Data excerpts:

┄┄┄┄┄┄

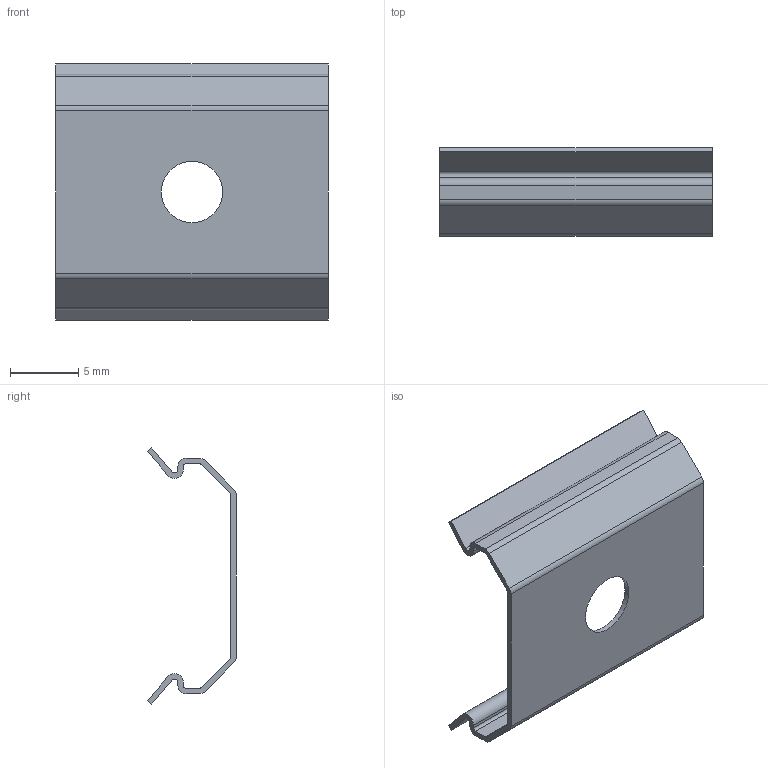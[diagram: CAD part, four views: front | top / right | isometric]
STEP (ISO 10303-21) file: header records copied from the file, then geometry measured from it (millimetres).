
FILE_DESCRIPTION (( 'STEP AP203' ), '1' );
FILE_NAME ('3535 Clip.STEP', '2026-04-20T12:27:51', ( '' ), ( '' ), 'SwSTEP 2.0', 'SolidWorks 2025', '' );
FILE_SCHEMA (( 'CONFIG_CONTROL_DESIGN' ));
Length unit declared in the file: millimetre
Products named in the file (1): 3535 Clip
Bounding box: 20 x 6.5 x 18.82 mm (x, y, z)
Volume: 230.1 mm3; surface area: 1195.6 mm2
Topology: 1 solids, 1 shells, 39 faces, 112 edges, 75 vertices
Faces by surface type: plane 22, cylinder 17
Full cylindrical faces by diameter (mm): 4.5 x1
Entity records: 1355 total; most frequent: DIRECTION 224, CARTESIAN_POINT 224, ORIENTED_EDGE 220, EDGE_CURVE 110, LINE 76, VECTOR 76, AXIS2_PLACEMENT_3D 74, VERTEX_POINT 74

┄┄┄┄┄┄

What you have to do
The pictures should be dropped, and every line above should be set down again exactly.

Result of this exercise
[diagram: CAD part, four views: front | top / right | isometric]
STEP (ISO 10303-21) file: header records copied from the file, then geometry measured from it (millimetres).
FILE_DESCRIPTION (( 'STEP AP203' ), '1' );
FILE_NAME ('3535 Clip.STEP', '2026-04-20T12:27:51', ( '' ), ( '' ), 'SwSTEP 2.0', 'SolidWorks 2025', '' );
FILE_SCHEMA (( 'CONFIG_CONTROL_DESIGN' ));
Length unit declared in the file: millimetre
Products named in the file (1): 3535 Clip
Bounding box: 20 x 6.5 x 18.82 mm (x, y, z)
Volume: 230.1 mm3; surface area: 1195.6 mm2
Topology: 1 solids, 1 shells, 39 faces, 112 edges, 75 vertices
Faces by surface type: plane 22, cylinder 17
Full cylindrical faces by diameter (mm): 4.5 x1
Entity records: 1355 total; most frequent: DIRECTION 224, CARTESIAN_POINT 224, ORIENTED_EDGE 220, EDGE_CURVE 110, LINE 76, VECTOR 76, AXIS2_PLACEMENT_3D 74, VERTEX_POINT 74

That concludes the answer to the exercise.